▶ [TASK MATERIAL]:
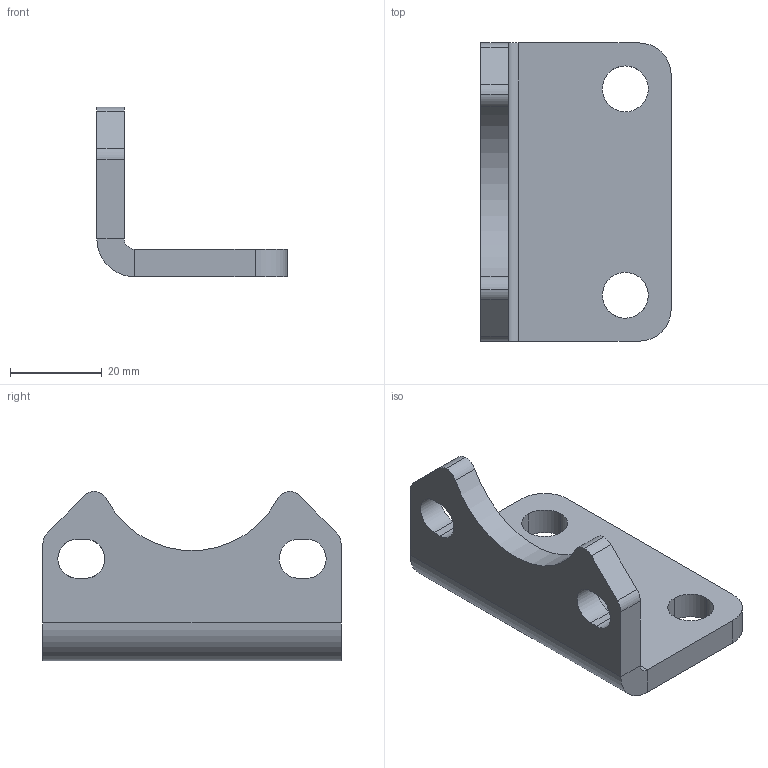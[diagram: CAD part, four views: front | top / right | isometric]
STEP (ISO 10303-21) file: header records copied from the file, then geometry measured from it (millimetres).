
FILE_DESCRIPTION(('CATIA V5 STEP Exchange'),'2;1');
FILE_NAME('D:\stp file for catalog\BAST-LB\LB 50.stp','2018-06-13T05:25:00+00:00',('none'),('none'),'CATIA Version 5-6 Release 2016','CATIA V5 STEP AP203','none');
FILE_SCHEMA(('CONFIG_CONTROL_DESIGN'));
Length unit declared in the file: millimetre
Products named in the file (1): LB-50-00
Bounding box: 41.5 x 65 x 36.98 mm (x, y, z)
Volume: 22656.9 mm3; surface area: 9863 mm2
Topology: 1 solids, 1 shells, 40 faces, 106 edges, 68 vertices
Faces by surface type: cylinder 23, plane 17
Entity records: 1273 total; most frequent: CARTESIAN_POINT 249, ORIENTED_EDGE 212, DIRECTION 174, EDGE_CURVE 106, AXIS2_PLACEMENT_3D 79, VERTEX_POINT 68, VECTOR 60, LINE 60
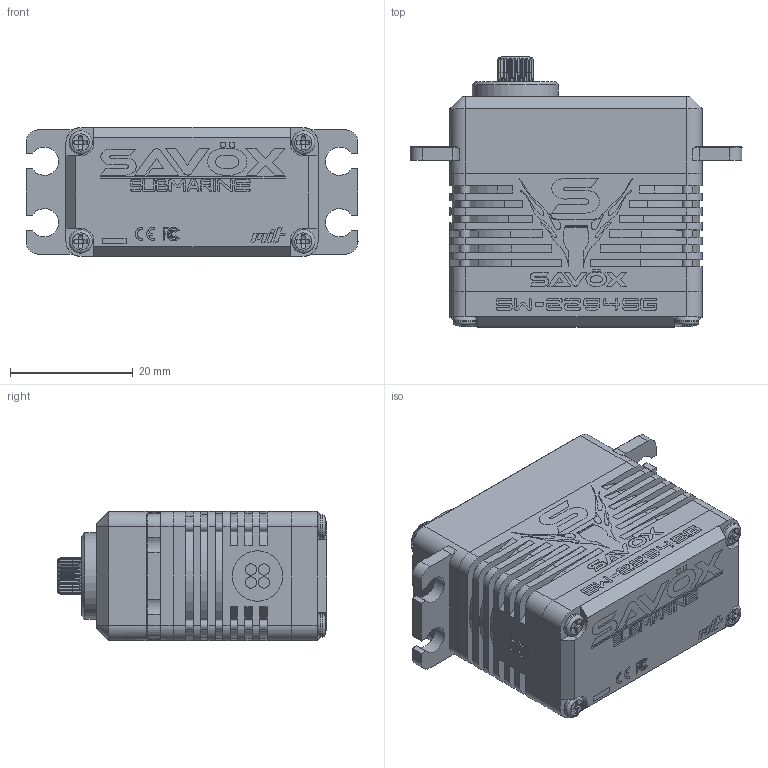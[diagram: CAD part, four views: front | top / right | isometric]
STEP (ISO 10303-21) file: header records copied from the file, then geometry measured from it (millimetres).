
FILE_DESCRIPTION (( 'STEP AP214' ), '1' );
FILE_NAME ('SW-2294SG_3D??+??.STEP', '2025-04-16T10:50:51', ( '' ), ( '' ), 'SwSTEP 2.0', 'SolidWorks 2024', '' );
FILE_SCHEMA (( 'AUTOMOTIVE_DESIGN' ));
Length unit declared in the file: millimetre
Products named in the file (1): SW-2294SG_3D零件+齒輪
Bounding box: 54 x 43.9 x 21 mm (x, y, z)
Volume: 31801.9 mm3; surface area: 8097.4 mm2
Topology: 1 solids, 1 shells, 684 faces, 3456 edges, 2902 vertices
Faces by surface type: plane 365, cylinder 192, cone 90, torus 37
Full cylindrical faces by diameter (mm): 1.7 x24, 1.85 x4, 2.5 x1, 3.8 x4, 6.1 x1, 14 x1
Entity records: 46110 total; most frequent: CARTESIAN_POINT 12078, ORIENTED_EDGE 6794, DIRECTION 4027, EDGE_CURVE 3397, VERTEX_POINT 2892, VECTOR 1565, LINE 1565, B_SPLINE_CURVE_WITH_KNOTS 1278
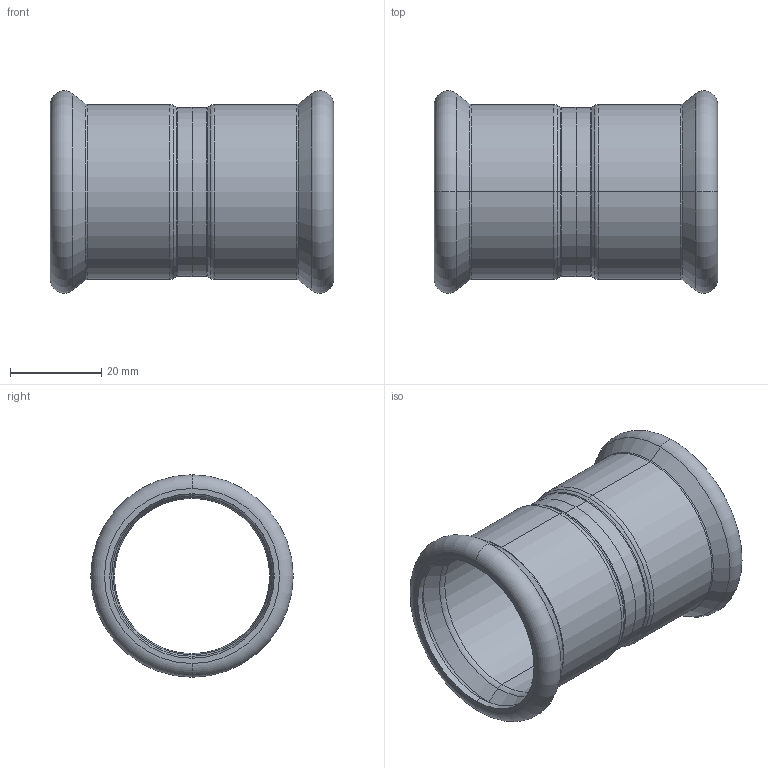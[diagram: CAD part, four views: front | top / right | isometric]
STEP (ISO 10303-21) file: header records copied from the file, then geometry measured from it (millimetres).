
FILE_DESCRIPTION (( 'STEP AP203' ), '1' );
FILE_NAME ('GDA5005.STEP', '2019-01-21T08:50:24', ( '' ), ( '' ), 'SwSTEP 2.0', 'SolidWorks 2015', '' );
FILE_SCHEMA (( 'CONFIG_CONTROL_DESIGN' ));
Length unit declared in the file: millimetre
Products named in the file (1): GDA5005
Bounding box: 62 x 44.3 x 44.3 mm (x, y, z)
Volume: 11990.5 mm3; surface area: 16670.6 mm2
Topology: 2 solids, 2 shells, 74 faces, 148 edges, 80 vertices
Faces by surface type: torus 32, cylinder 20, cone 16, plane 6
Entity records: 1999 total; most frequent: DIRECTION 410, CARTESIAN_POINT 303, ORIENTED_EDGE 296, AXIS2_PLACEMENT_3D 187, EDGE_CURVE 148, CIRCLE 112, VERTEX_POINT 80, EDGE_LOOP 80
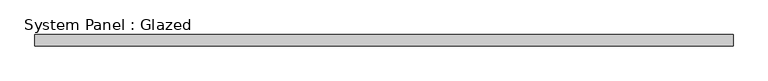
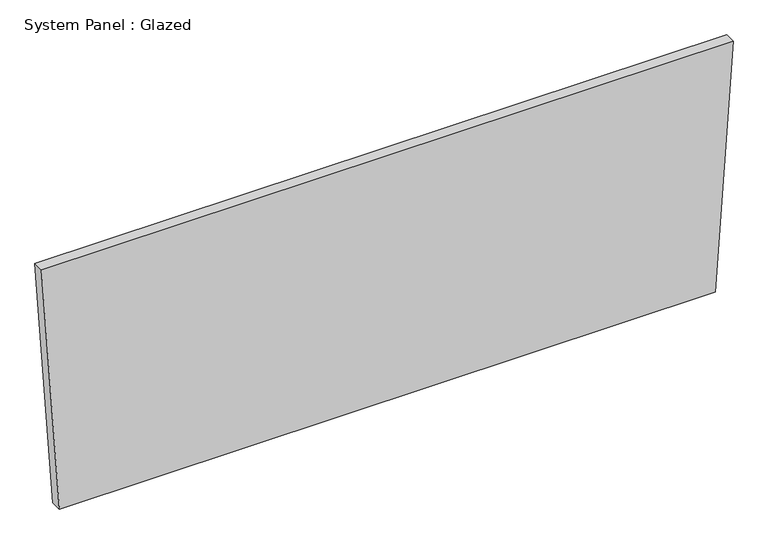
"""IFC4 building model written with IfcOpenShell, lengths in millimetres: plate geometry, System Panel : Glazed."""

import ifcopenshell
import ifcopenshell.guid

model = None  # the IFC model being written
_history = None  # IfcOwnerHistory: only IFC2X3 demands one
_inside = {}  # id of a spatial element -> (the spatial element, [elements in it])
_under = {}  # id of a project, library or spatial element -> (it, [spatial elements below it])
_declared = {}  # id of a project -> (the project, [libraries it declares])
_typed = {}  # id of a type object -> (the type object, [elements of that type])
_made_of = {}  # id of a material, layer set ... -> (it, [elements and type objects made of it])


def new_model(schema):
    """Start an empty IFC model of exactly this schema.

    Asked for "IFC4X3", IfcOpenShell would pick the latest addendum, in which some entities
    have other attributes; the version numbers below select the first issue.
    IFC2X3 requires an IfcOwnerHistory on every rooted entity: one is made here for all.
    """
    global model, _history
    if schema == "IFC4X3":
        model = ifcopenshell.file(schema_version=(4, 3, 0, 0))
    else:
        model = ifcopenshell.file(schema=schema)
    _inside.clear()
    _under.clear()
    _declared.clear()
    _typed.clear()
    _made_of.clear()
    _history = None
    if model.schema == "IFC2X3":
        org = make("IfcOrganization", Name="unknown")
        user = make(
            "IfcPersonAndOrganization",
            ThePerson=make("IfcPerson", FamilyName="unknown"),
            TheOrganization=org,
        )
        app = make(
            "IfcApplication",
            ApplicationDeveloper=org,
            Version="unknown",
            ApplicationFullName="unknown",
            ApplicationIdentifier="unknown",
        )
        _history = make(
            "IfcOwnerHistory",
            OwningUser=user,
            OwningApplication=app,
            ChangeAction="ADDED",
            CreationDate=0,
        )
    return model


def make(cls, **values):
    """One entity of the class cls with the attributes given. An attribute that is None is left unset."""
    return model.create_entity(
        cls, **{name: value for name, value in values.items() if value is not None}
    )


def rooted(cls, **values):
    """An entity with a GlobalId (a new one), such as an element, a storey or a relation."""
    return make(cls, GlobalId=ifcopenshell.guid.new(), OwnerHistory=_history, **values)


def si_unit(unit_type, name, prefix=None):
    """IfcSIUnit, for example si_unit("LENGTHUNIT", "METRE", prefix="MILLI")."""
    return make("IfcSIUnit", UnitType=unit_type, Prefix=prefix, Name=name)


def assignment(units):
    """IfcUnitAssignment: the units of a project."""
    return None if units is None else make("IfcUnitAssignment", Units=units)


def point(xyz):
    """IfcCartesianPoint."""
    return None if xyz is None else make("IfcCartesianPoint", Coordinates=xyz)


def direction(xyz):
    """IfcDirection."""
    return None if xyz is None else make("IfcDirection", DirectionRatios=xyz)


def frame(location, z_axis=None, x_axis=None):
    """IfcAxis2Placement3D, a coordinate frame: its origin and axes. An axis left out is left unset."""
    return make(
        "IfcAxis2Placement3D",
        Location=point(location),
        Axis=direction(z_axis),
        RefDirection=direction(x_axis),
    )


def origin():
    """The frame at (0, 0, 0) with its axes left unset."""
    return frame((0.0, 0.0, 0.0))


def place(relative_to, where):
    """IfcLocalPlacement: puts the frame where relative to a parent placement (None: the world)."""
    return make(
        "IfcLocalPlacement", PlacementRelTo=relative_to, RelativePlacement=where
    )


def context(
    kind, dimensions, precision=None, world=None, true_north=None, identifier=None
):
    """IfcGeometricRepresentationContext, for example the 3D "Model" context."""
    return make(
        "IfcGeometricRepresentationContext",
        ContextIdentifier=identifier,
        ContextType=kind,
        CoordinateSpaceDimension=dimensions,
        Precision=precision,
        WorldCoordinateSystem=world,
        TrueNorth=true_north,
    )


def project(units=None, contexts=None):
    """IfcProject with its units and contexts."""
    return rooted(
        "IfcProject",
        Name="project",
        RepresentationContexts=contexts,
        UnitsInContext=assignment(units),
    )


def spatial(cls, under=None, at=None, **own):
    """A site, building, storey or space (cls), placed at a placement, below another one or the project."""
    s = rooted(cls, ObjectPlacement=at, **own)
    if under is not None:
        _under.setdefault(under.id(), (under, []))[1].append(s)
    return s


def polyline(points):
    """IfcPolyline through the points."""
    return make("IfcPolyline", Points=[point(p) for p in points])


def outline(outer, holes=None, kind="AREA"):
    """IfcArbitraryClosedProfileDef: a profile drawn as a closed curve; with holes, ...WithVoids."""
    if holes is None:
        return make("IfcArbitraryClosedProfileDef", ProfileType=kind, OuterCurve=outer)
    return make(
        "IfcArbitraryProfileDefWithVoids",
        ProfileType=kind,
        OuterCurve=outer,
        InnerCurves=holes,
    )


def extrude(swept, where, along, depth):
    """IfcExtrudedAreaSolid: the profile swept, set in the frame where, extruded along a direction by depth."""
    return make(
        "IfcExtrudedAreaSolid",
        SweptArea=swept,
        Position=where,
        ExtrudedDirection=direction(along),
        Depth=depth,
    )


def shape(context_of_items, identifier, shape_type, items):
    """IfcShapeRepresentation: the items that make up one representation, for example the "Body"."""
    return make(
        "IfcShapeRepresentation",
        ContextOfItems=context_of_items,
        RepresentationIdentifier=identifier,
        RepresentationType=shape_type,
        Items=items,
    )


def source(mapping_origin, context_of_items, identifier, shape_type, items):
    """IfcRepresentationMap: a shape defined once, which mapped items show again and again."""
    return make(
        "IfcRepresentationMap",
        MappingOrigin=mapping_origin,
        MappedRepresentation=shape(context_of_items, identifier, shape_type, items),
    )


def transform(
    local_origin,
    x_axis=None,
    y_axis=None,
    z_axis=None,
    scale=None,
    scale2=None,
    scale3=None,
    uniform=True,
):
    """IfcCartesianTransformationOperator3D, or its non-uniform kind. x_axis, y_axis, z_axis: its Axis1, 2, 3."""
    if uniform:
        return make(
            "IfcCartesianTransformationOperator3D",
            Axis1=direction(x_axis),
            Axis2=direction(y_axis),
            LocalOrigin=point(local_origin),
            Scale=scale,
            Axis3=direction(z_axis),
        )
    return make(
        "IfcCartesianTransformationOperator3DnonUniform",
        Axis1=direction(x_axis),
        Axis2=direction(y_axis),
        LocalOrigin=point(local_origin),
        Scale=scale,
        Axis3=direction(z_axis),
        Scale2=scale2,
        Scale3=scale3,
    )


def mapped(mapping_source, mapping_target):
    """IfcMappedItem: shows the shape of a source again, moved by a transform."""
    return make(
        "IfcMappedItem", MappingSource=mapping_source, MappingTarget=mapping_target
    )


def made_of(thing, what):
    """Note that an element or type object is made of a material, layer set ...; save() writes the relation."""
    if what is not None:
        _made_of.setdefault(what.id(), (what, []))[1].append(thing)
    return thing


def element(
    cls,
    number,
    at=None,
    inside=None,
    cuts=None,
    type_object=None,
    material=None,
    context=None,
    identifier="Body",
    shape_type=None,
    held_by="IfcProductDefinitionShape",
    body=None,
    shapes=None,
    **own,
):
    """One element of the class cls, such as IfcWall. Its Tag is "e" and its number.

    at: its placement. inside: the storey or other place that contains it. cuts: it is an
    opening in that element (IfcRelVoidsElement). A single representation is given by context,
    identifier, shape_type and body (its items); several are given by shapes. held_by: the class
    of the entity that holds the representations. save() writes the other relations.
    """
    e = rooted(cls, Tag="e%d" % number, ObjectPlacement=at, **own)
    if body is not None:
        shapes = [shape(context, identifier, shape_type, body)]
    if shapes is not None:
        e.Representation = make(held_by, Representations=shapes)
    if inside is not None:
        _inside.setdefault(inside.id(), (inside, []))[1].append(e)
    if cuts is not None:
        rooted(
            "IfcRelVoidsElement", RelatingBuildingElement=cuts, RelatedOpeningElement=e
        )
    if type_object is not None:
        _typed.setdefault(type_object.id(), (type_object, []))[1].append(e)
    return made_of(e, material)


def aggregate(whole, parts):
    """IfcRelAggregates: a whole, such as a stair, and the parts it consists of."""
    return rooted("IfcRelAggregates", RelatingObject=whole, RelatedObjects=parts)


def save(model, path):
    """Write the relations noted so far, then the file.

    IfcRelAggregates (storeys below a building ...), IfcRelContainedInSpatialStructure (elements
    in a storey), IfcRelDefinesByType, IfcRelAssociatesMaterial and IfcRelDeclares: one each for
    every whole, place, type object, material and project.
    """
    for whole, parts in _under.values():
        aggregate(whole, parts)
    for where, things in _inside.values():
        rooted(
            "IfcRelContainedInSpatialStructure",
            RelatedElements=things,
            RelatingStructure=where,
        )
    for kind, things in _typed.values():
        rooted("IfcRelDefinesByType", RelatedObjects=things, RelatingType=kind)
    for what, things in _made_of.values():
        rooted("IfcRelAssociatesMaterial", RelatedObjects=things, RelatingMaterial=what)
    for by, libraries in _declared.values():
        rooted("IfcRelDeclares", RelatingContext=by, RelatedDefinitions=libraries)
    model.write(path)


def system_panel_glazed_66eabb40(model_context):
    return source(origin(), model_context, "Body", "SweptSolid", [
        extrude(outline(polyline([(0.0, -737.796167), (0.0, 737.796167), (582.7548153, 777.9949885), (582.7548153, -777.9949885), (0.0, -737.796167)])), frame((0.0, 19.05, 0.0), z_axis=(0.0, 1.0, 0.0), x_axis=(0.0, 0.0, 1.0)), (0.0, 0.0, 1.0), 25.4),
    ])


if __name__ == "__main__":
    model = new_model("IFC4")
    model_context = context("Model", 3, world=origin())
    ifc_project = project(units=[si_unit("LENGTHUNIT", "METRE", prefix="MILLI")], contexts=[model_context])
    site = spatial("IfcSite", under=ifc_project)
    building = spatial("IfcBuilding", under=site)
    placement = place(None, origin())
    system_panel_glazed_shape = system_panel_glazed_66eabb40(model_context)
    element("IfcPlate", 1, ObjectType="System Panel : Glazed", at=placement, inside=building, context=model_context, shape_type="MappedRepresentation", body=[
        mapped(system_panel_glazed_shape, transform((0.0, 0.0, 0.0), x_axis=(1.0, 0.0, 0.0), y_axis=(0.0, 1.0, 0.0), z_axis=(0.0, 0.0, 1.0))),
    ])
    save(model, "model.ifc")

▶ [TASK DESCRIPTION]: Of the records above, copy each line that includes "relations".

▶ [FINAL ANSWER]:
    of the entity that holds the representations. save() writes the other relations.
    """Write the relations noted so far, then the file.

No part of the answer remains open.